VAT exemption in the intra-Community supplies of goods for supply chain. Judgment of the ECJ of July 26th, 2017. Toridas
Supply chain means those sales where there are two or more deliveries of goods (usually at an international level) but a single transport of the goods to its final destination. Where such deliveries take place within the VAT territory of the Community it is really important to establish the correct treatment for tax purposes in respect of the application of the VAT exemption for intra-Community supplies of goods defined in Article 138 of Directive 2006/112/EC of the VAT.
The European Court of Justice has ruled again on the application of this exemption in the event of a supply chain, following a dispute between a Lithuanian company and the Lithuanian Tax Administration. In the light of the facts set out in the judgment, the Lithuanian company (Toridas) sold goods to a company identified for VAT purposes in Estonia, while the buyer undertaking to transport the goods outside Lithuania and to provide Toridas with documentary proof of such departure. The invoices issued by Toridas indicated that the place of delivery and loading of the goods was in the warehouses in Lithuania.
As regard the Estonian company, the same day it purchases the goods those are sold to customers identified for VAT purposes in other Member States. Part of the goods were immediately delivered to those other Member States without passing through Estonia, while another part of the goods were stored in Lithuania to be calibrated, glazed and packaged before being transported directly to the final acquirer in the other Member States.
Although Toridas applied the VAT exemption to the sales, considering those sales as intra-Community supplies of goods, the Tax Administration understood that they could not be treated as such but as domestic supplies, subject to and not exempt from VAT, in Lithuania. The company appealed against the decision and the national court asks the EU Court how to classify the first supplies as they were followed by subsequent supplies and only one transport exists, so it does not know which of the two deliveries should be classified as an exempt intra-community supply of goods. In addition, it points out that the fact that the intermediary is identified for VAT purposes in Estonia, a possible refusal of exemption of the first supplies could entail a double taxation. Finally, it questions whether the fact that part of the goods is processed before being sent to the Member State affects the previous reply.

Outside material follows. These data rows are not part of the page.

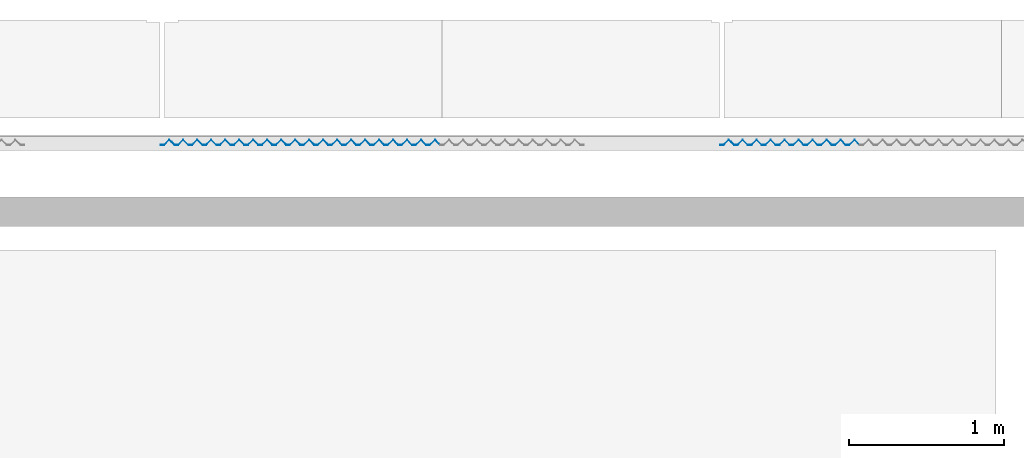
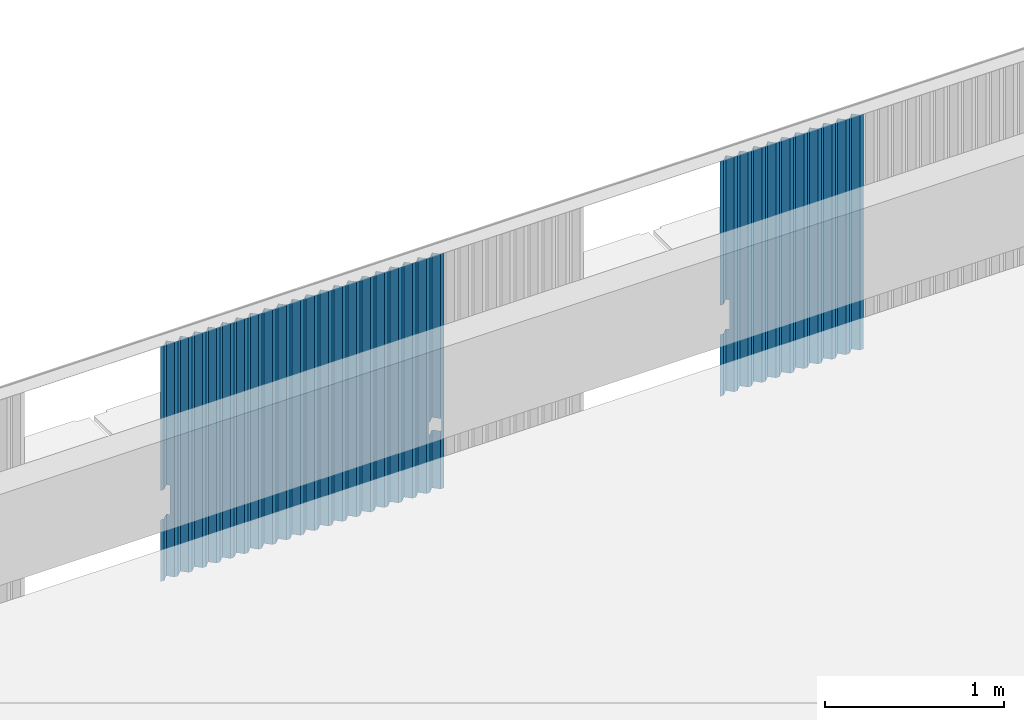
# One storey, part 32 of 37: 3 walls.
"""IFC4X3_ADD2 building model written with IfcOpenShell, lengths in millimetres."""

from ifc_helpers import new_model, si_unit, direction, frame, origin_with_axes, place, context, subcontext, project, spatial, polygons, element, save


model = new_model("IFC4X3_ADD2")

# Units and contexts
model_context = context("Model", 3, precision=1e-05, world=origin_with_axes(), true_north=direction((0.0, 1.0)))
body_context = subcontext(model_context, "Body", "Model", "MODEL_VIEW")
ifc_project = project(units=[si_unit("LENGTHUNIT", "METRE", prefix="MILLI"), si_unit("AREAUNIT", "SQUARE_METRE"), si_unit("VOLUMEUNIT", "CUBIC_METRE"), si_unit("PLANEANGLEUNIT", "RADIAN"), si_unit("TIMEUNIT", "SECOND"), si_unit("MASSUNIT", "GRAM")], contexts=[model_context])

# Site, building, storey
site_placement = place(None, origin_with_axes())
site = spatial("IfcSite", under=ifc_project, at=site_placement, Name="Site", CompositionType="ELEMENT")
building_placement = place(site_placement, origin_with_axes())
building = spatial("IfcBuilding", under=site, at=building_placement, Name="IFC Building Story")
storey_placement = place(building_placement, frame((0.0, 0.0, 14400.0), z_axis=(0.0, 0.0, 1.0), x_axis=(1.0, 0.0, 0.0)))
storey = spatial("IfcBuildingStorey", under=building, at=storey_placement, Name="040", Elevation=14400.0)

# Walls
wall_1_placement = place(storey_placement, frame((0.0, 0.0, -14400.0), z_axis=(0.0, 0.0, 1.0), x_axis=(1.0, 0.0, 0.0)))
element("IfcWall", 1, at=wall_1_placement, inside=storey, Name="BB_07.10_Gevelbekleding_PuntProfiel, 900 mm, console rechts_GMO:900 x 1600 mm", ObjectType="BB_07.10_Gevelbekleding_PuntProfiel, 900 mm, console rechts_GMO:900 x 1600 mm", PredefinedType="NOTDEFINED", context=body_context, shape_type="Tessellation", body=[
    polygons([(-12504.99999999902, 45734.99999999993, 14060.0), (-12504.99999999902, 45733.58578643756, 14060.0), (-12519.99999999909, 45748.58578643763, 14060.0), (-12553.58578643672, 45715.0, 14060.0), (-12576.4142135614, 45715.00000000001, 14060.0), (-12575.99999999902, 45716.0, 14060.0), (-12553.9999999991, 45715.99999999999, 14060.0), (-12519.99999999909, 45750.0, 14060.0), (-12504.99999999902, 45734.99999999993, 13860.0), (-12504.99999999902, 45733.58578643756, 13860.0), (-12519.99999999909, 45750.00000000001, 13860.0), (-12553.9999999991, 45716.0, 13860.0), (-12575.99999999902, 45716.0, 13860.0), (-12576.4142135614, 45715.0, 13860.0), (-12553.58578643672, 45715.0, 13860.0), (-12519.99999999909, 45748.58578643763, 13860.0), (-11743.99999999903, 45716.0, 15040.0), (-11765.99999999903, 45716.0, 15040.0), (-11799.99999999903, 45750.0, 15040.0), (-11833.99999999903, 45716.0, 15040.0), (-11855.99999999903, 45716.0, 15040.0), (-11889.99999999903, 45750.0, 15040.0), (-11923.99999999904, 45716.0, 15040.0), (-11945.99999999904, 45716.0, 15040.0), (-11979.99999999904, 45750.00000000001, 15040.0), (-12013.99999999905, 45716.0, 15040.0), (-12035.99999999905, 45716.0, 15040.0), (-12069.99999999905, 45750.00000000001, 15040.0), (-12103.99999999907, 45716.0, 15040.0), (-12125.99999999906, 45716.0, 15040.0), (-12159.99999999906, 45750.00000000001, 15040.0), (-12193.99999999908, 45716.0, 15040.0), (-12215.99999999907, 45716.0, 15040.0), (-12249.99999999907, 45750.00000000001, 15040.0), (-12283.99999999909, 45716.0, 15040.0), (-12305.99999999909, 45716.0, 15040.0), (-12339.99999999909, 45750.00000000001, 15040.0), (-12373.9999999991, 45716.0, 15040.0), (-12395.99999999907, 45716.0, 15040.0), (-12429.99999999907, 45750.00000000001, 15040.0), (-12463.99999999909, 45716.0, 15040.0), (-12485.99999999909, 45716.0, 15040.0), (-12519.99999999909, 45750.00000000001, 15040.0), (-12553.9999999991, 45716.0, 15040.0), (-12575.99999999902, 45716.0, 15040.0), (-12576.4142135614, 45715.00000000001, 15040.0), (-12553.58578643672, 45715.00000000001, 15040.0), (-12519.99999999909, 45748.58578643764, 15040.0), (-12486.41421356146, 45715.00000000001, 15040.0), (-12463.5857864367, 45715.00000000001, 15040.0), (-12429.99999999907, 45748.58578643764, 15040.0), (-12396.41421356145, 45715.00000000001, 15040.0), (-12373.58578643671, 45715.00000000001, 15040.0), (-12339.99999999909, 45748.58578643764, 15040.0), (-12306.41421356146, 45715.00000000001, 15040.0), (-12283.5857864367, 45715.00000000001, 15040.0), (-12249.99999999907, 45748.58578643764, 15040.0), (-12216.41421356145, 45715.00000000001, 15040.0), (-12193.58578643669, 45715.00000000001, 15040.0), (-12159.99999999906, 45748.58578643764, 15040.0), (-12126.41421356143, 45715.00000000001, 15040.0), (-12103.58578643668, 45715.00000000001, 15040.0), (-12069.99999999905, 45748.58578643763, 15040.0), (-12036.41421356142, 45715.00000000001, 15040.0), (-12013.58578643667, 45715.00000000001, 15040.0), (-11979.99999999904, 45748.58578643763, 15040.0), (-11946.41421356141, 45715.00000000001, 15040.0), (-11923.58578643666, 45715.00000000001, 15040.0), (-11889.99999999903, 45748.58578643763, 15040.0), (-11856.41421356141, 45715.0, 15040.0), (-11833.58578643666, 45715.0, 15040.0), (-11799.99999999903, 45748.58578643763, 15040.0), (-11766.4142135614, 45715.0, 15040.0), (-11743.58578643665, 45715.0, 15040.0), (-11709.99999999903, 45748.58578643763, 15040.0), (-11676.4142135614, 45715.0, 15040.0), (-11653.58578643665, 45715.0, 15040.0), (-11653.99999999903, 45716.0, 15040.0), (-11675.99999999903, 45716.0, 15040.0), (-11709.99999999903, 45750.0, 15040.0), (-11743.99999999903, 45716.0, 13440.0), (-11709.99999999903, 45750.0, 13440.0), (-11675.99999999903, 45716.0, 13440.0), (-11653.99999999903, 45716.0, 13440.0), (-11653.58578643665, 45715.0, 13440.0), (-11676.4142135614, 45715.0, 13440.0), (-11709.99999999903, 45748.58578643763, 13440.0), (-11743.58578643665, 45715.0, 13440.0), (-11766.4142135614, 45715.0, 13440.0), (-11799.99999999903, 45748.58578643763, 13440.0), (-11833.58578643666, 45715.0, 13440.0), (-11856.41421356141, 45715.0, 13440.0), (-11889.99999999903, 45748.58578643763, 13440.0), (-11923.58578643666, 45715.00000000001, 13440.0), (-11946.41421356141, 45715.00000000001, 13440.0), (-11979.99999999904, 45748.58578643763, 13440.0), (-12013.58578643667, 45715.00000000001, 13440.0), (-12036.41421356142, 45715.00000000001, 13440.0), (-12069.99999999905, 45748.58578643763, 13440.0), (-12103.58578643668, 45715.00000000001, 13440.0), (-12126.41421356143, 45715.00000000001, 13440.0), (-12159.99999999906, 45748.58578643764, 13440.0), (-12193.58578643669, 45715.00000000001, 13440.0), (-12216.41421356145, 45715.00000000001, 13440.0), (-12249.99999999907, 45748.58578643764, 13440.0), (-12283.5857864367, 45715.00000000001, 13440.0), (-12306.41421356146, 45715.00000000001, 13440.0), (-12339.99999999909, 45748.58578643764, 13440.0), (-12373.58578643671, 45715.00000000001, 13440.0), (-12396.41421356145, 45715.00000000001, 13440.0), (-12429.99999999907, 45748.58578643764, 13440.0), (-12463.5857864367, 45715.00000000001, 13440.0), (-12486.41421356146, 45715.00000000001, 13440.0), (-12519.99999999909, 45748.58578643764, 13440.0), (-12553.58578643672, 45715.00000000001, 13440.0), (-12576.4142135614, 45715.00000000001, 13440.0), (-12575.99999999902, 45716.0, 13440.0), (-12553.9999999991, 45716.0, 13440.0), (-12519.99999999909, 45750.00000000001, 13440.0), (-12485.99999999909, 45716.0, 13440.0), (-12463.99999999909, 45716.0, 13440.0), (-12429.99999999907, 45750.00000000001, 13440.0), (-12395.99999999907, 45716.0, 13440.0), (-12373.9999999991, 45716.0, 13440.0), (-12339.99999999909, 45750.00000000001, 13440.0), (-12305.99999999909, 45716.0, 13440.0), (-12283.99999999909, 45716.0, 13440.0), (-12249.99999999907, 45750.00000000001, 13440.0), (-12215.99999999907, 45716.0, 13440.0), (-12193.99999999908, 45716.0, 13440.0), (-12159.99999999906, 45750.00000000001, 13440.0), (-12125.99999999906, 45716.0, 13440.0), (-12103.99999999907, 45716.0, 13440.0), (-12069.99999999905, 45750.00000000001, 13440.0), (-12035.99999999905, 45716.0, 13440.0), (-12013.99999999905, 45716.0, 13440.0), (-11979.99999999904, 45750.00000000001, 13440.0), (-11945.99999999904, 45716.0, 13440.0), (-11923.99999999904, 45716.0, 13440.0), (-11889.99999999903, 45750.0, 13440.0), (-11855.99999999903, 45716.0, 13440.0), (-11833.99999999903, 45716.0, 13440.0), (-11799.99999999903, 45750.0, 13440.0), (-11765.99999999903, 45716.0, 13440.0)], [[[7, 8, 3]], [[7, 3, 4]], [[4, 5, 6]], [[4, 6, 7]], [[8, 1, 2]], [[8, 2, 3]], [[2, 1, 9, 10]], [[12, 13, 14]], [[12, 14, 15]], [[16, 10, 9]], [[16, 9, 11]], [[11, 12, 15]], [[11, 15, 16]], [[44, 45, 46]], [[44, 46, 47]], [[48, 49, 42]], [[48, 42, 43]], [[43, 44, 47]], [[43, 47, 48]], [[49, 50, 41]], [[49, 41, 42]], [[51, 52, 39]], [[51, 39, 40]], [[40, 41, 50]], [[40, 50, 51]], [[52, 53, 38]], [[52, 38, 39]], [[54, 55, 36]], [[54, 36, 37]], [[37, 38, 53]], [[37, 53, 54]], [[55, 56, 35]], [[55, 35, 36]], [[57, 58, 33]], [[57, 33, 34]], [[34, 35, 56]], [[34, 56, 57]], [[58, 59, 32]], [[58, 32, 33]], [[60, 61, 30]], [[60, 30, 31]], [[31, 32, 59]], [[31, 59, 60]], [[61, 62, 29]], [[61, 29, 30]], [[63, 64, 27]], [[63, 27, 28]], [[28, 29, 62]], [[28, 62, 63]], [[64, 65, 26]], [[64, 26, 27]], [[66, 67, 24]], [[66, 24, 25]], [[25, 26, 65]], [[25, 65, 66]], [[67, 68, 23]], [[67, 23, 24]], [[69, 70, 21]], [[69, 21, 22]], [[22, 23, 68]], [[22, 68, 69]], [[70, 71, 20]], [[70, 20, 21]], [[72, 73, 18]], [[72, 18, 19]], [[19, 20, 71]], [[19, 71, 72]], [[73, 74, 17]], [[73, 17, 18]], [[79, 80, 75]], [[79, 75, 76]], [[76, 77, 78]], [[76, 78, 79]], [[80, 17, 74]], [[80, 74, 75]], [[83, 84, 85]], [[83, 85, 86]], [[87, 88, 81]], [[87, 81, 82]], [[82, 83, 86]], [[82, 86, 87]], [[118, 119, 114]], [[118, 114, 115]], [[115, 116, 117]], [[115, 117, 118]], [[121, 122, 111]], [[121, 111, 112]], [[112, 113, 120]], [[112, 120, 121]], [[113, 114, 119]], [[113, 119, 120]], [[124, 125, 108]], [[124, 108, 109]], [[109, 110, 123]], [[109, 123, 124]], [[110, 111, 122]], [[110, 122, 123]], [[127, 128, 105]], [[127, 105, 106]], [[106, 107, 126]], [[106, 126, 127]], [[107, 108, 125]], [[107, 125, 126]], [[130, 131, 102]], [[130, 102, 103]], [[103, 104, 129]], [[103, 129, 130]], [[104, 105, 128]], [[104, 128, 129]], [[133, 134, 99]], [[133, 99, 100]], [[100, 101, 132]], [[100, 132, 133]], [[101, 102, 131]], [[101, 131, 132]], [[136, 137, 96]], [[136, 96, 97]], [[97, 98, 135]], [[97, 135, 136]], [[98, 99, 134]], [[98, 134, 135]], [[139, 140, 93]], [[139, 93, 94]], [[94, 95, 138]], [[94, 138, 139]], [[95, 96, 137]], [[95, 137, 138]], [[142, 143, 90]], [[142, 90, 91]], [[91, 92, 141]], [[91, 141, 142]], [[92, 93, 140]], [[92, 140, 141]], [[144, 81, 88]], [[144, 88, 89]], [[89, 90, 143]], [[89, 143, 144]], [[18, 17, 81, 144]], [[19, 18, 144, 143]], [[20, 19, 143, 142]], [[21, 20, 142, 141]], [[22, 21, 141, 140]], [[23, 22, 140, 139]], [[24, 23, 139, 138]], [[25, 24, 138, 137]], [[26, 25, 137, 136]], [[27, 26, 136, 135]], [[28, 27, 135, 134]], [[29, 28, 134, 133]], [[30, 29, 133, 132]], [[31, 30, 132, 131]], [[32, 31, 131, 130]], [[33, 32, 130, 129]], [[34, 33, 129, 128]], [[35, 34, 128, 127]], [[36, 35, 127, 126]], [[37, 36, 126, 125]], [[38, 37, 125, 124]], [[54, 53, 109, 108]], [[55, 54, 108, 107]], [[56, 55, 107, 106]], [[57, 56, 106, 105]], [[58, 57, 105, 104]], [[59, 58, 104, 103]], [[60, 59, 103, 102]], [[61, 60, 102, 101]], [[62, 61, 101, 100]], [[63, 62, 100, 99]], [[64, 63, 99, 98]], [[65, 64, 98, 97]], [[66, 65, 97, 96]], [[67, 66, 96, 95]], [[68, 67, 95, 94]], [[69, 68, 94, 93]], [[70, 69, 93, 92]], [[71, 70, 92, 91]], [[72, 71, 91, 90]], [[73, 72, 90, 89]], [[74, 73, 89, 88]], [[80, 79, 83, 82]], [[17, 80, 82, 81]], [[39, 38, 124, 123]], [[40, 39, 123, 122]], [[41, 40, 122, 121]], [[42, 41, 121, 120]], [[1, 8, 43]], [[1, 43, 42]], [[42, 9, 1]], [[42, 120, 9]], [[120, 119, 11]], [[120, 11, 9]], [[44, 43, 8, 7]], [[45, 44, 7, 6]], [[47, 46, 5, 4]], [[48, 47, 4, 3]], [[10, 16, 114]], [[10, 114, 113]], [[113, 2, 10]], [[2, 113, 49]], [[49, 48, 2]], [[48, 3, 2]], [[50, 49, 113, 112]], [[51, 50, 112, 111]], [[52, 51, 111, 110]], [[53, 52, 110, 109]], [[75, 74, 88, 87]], [[76, 75, 87, 86]], [[46, 45, 6, 5]], [[77, 76, 86, 85]], [[78, 77, 85, 84]], [[79, 78, 84, 83]], [[117, 116, 14, 13]], [[115, 114, 16, 15]], [[116, 115, 15, 14]], [[118, 117, 13, 12]], [[119, 118, 12, 11]]]),
])
wall_2_placement = place(storey_placement, frame((0.0, 0.0, -14400.0), z_axis=(0.0, 0.0, 1.0), x_axis=(1.0, 0.0, 0.0)))
element("IfcWall", 2, at=wall_2_placement, inside=storey, Name="BB_07.10_Gevelbekleding_PuntProfiel, 900 mm, vol_GMO:900 x 1600 mm", ObjectType="BB_07.10_Gevelbekleding_PuntProfiel, 900 mm, vol_GMO:900 x 1600 mm", PredefinedType="NOTDEFINED", context=body_context, shape_type="Tessellation", body=[
    polygons([(-10843.99999999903, 45716.0, 15040.0), (-10865.99999999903, 45716.0, 15040.0), (-10899.99999999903, 45750.0, 15040.0), (-10933.99999999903, 45716.0, 15040.0), (-10955.99999999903, 45716.0, 15040.0), (-10989.99999999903, 45750.0, 15040.0), (-11023.99999999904, 45716.0, 15040.0), (-11045.99999999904, 45716.0, 15040.0), (-11079.99999999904, 45750.0, 15040.0), (-11113.99999999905, 45716.0, 15040.0), (-11135.99999999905, 45716.0, 15040.0), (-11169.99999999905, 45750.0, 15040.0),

With regard to the first question, i.e. whether the exemption of intra-Community supplies of goods should be applied where, prior to delivery, the buyer informs the supplier that the goods are to be resold immediately to a taxable person established in another Member State, the Court recalls the conditions linked to that exemption: (a) transfer of the power of disposal as owner, (b) proof that the goods have been dispatched and (c) the goods have physically left the territory of the Member State of delivery. The Court also points out that an intra-Community supply has as its corollary an intra-Community acquisition, so that both have an identical meaning and scope, and the latter can only be classified as such when the goods have been dispatched or transported to the purchaser, son an intra-Community supply may not be deemed to exist if the goods have not been transported to the purchaser.
The Court recalls that in the case of supply chain, with a single transport, it can only be linked to one of the two supplies, which will be exempt from tax. For such purposes an overall assessment must be made of all the circumstances. In particular, it is decisive to know when the second transfer of the power of disposal to the final purchaser took place, so that if it takes place before the intra-Community transport takes place, it can no longer be attributed to the first delivery. In this case, the delivery made by the intermediary takes place before the commencement of the transport, in addition to the fact that the intermediary was not the recipient of the goods, so the first sale should be qualified as a domestic supply of goods subject to and not exempt from VAT. The identification of the buyer in a different Member State is not a sufficient criterion itself for the classification of an intra-Community transaction.
Finally, with regard to the second question, the Court states that the processing of goods does not form part of the material requirements laid down in Article 138 providing for the exemption of intra-Community supplies and does not therefore affect their classification as such.
A copy of the judgment with case number C-386/16 is attached.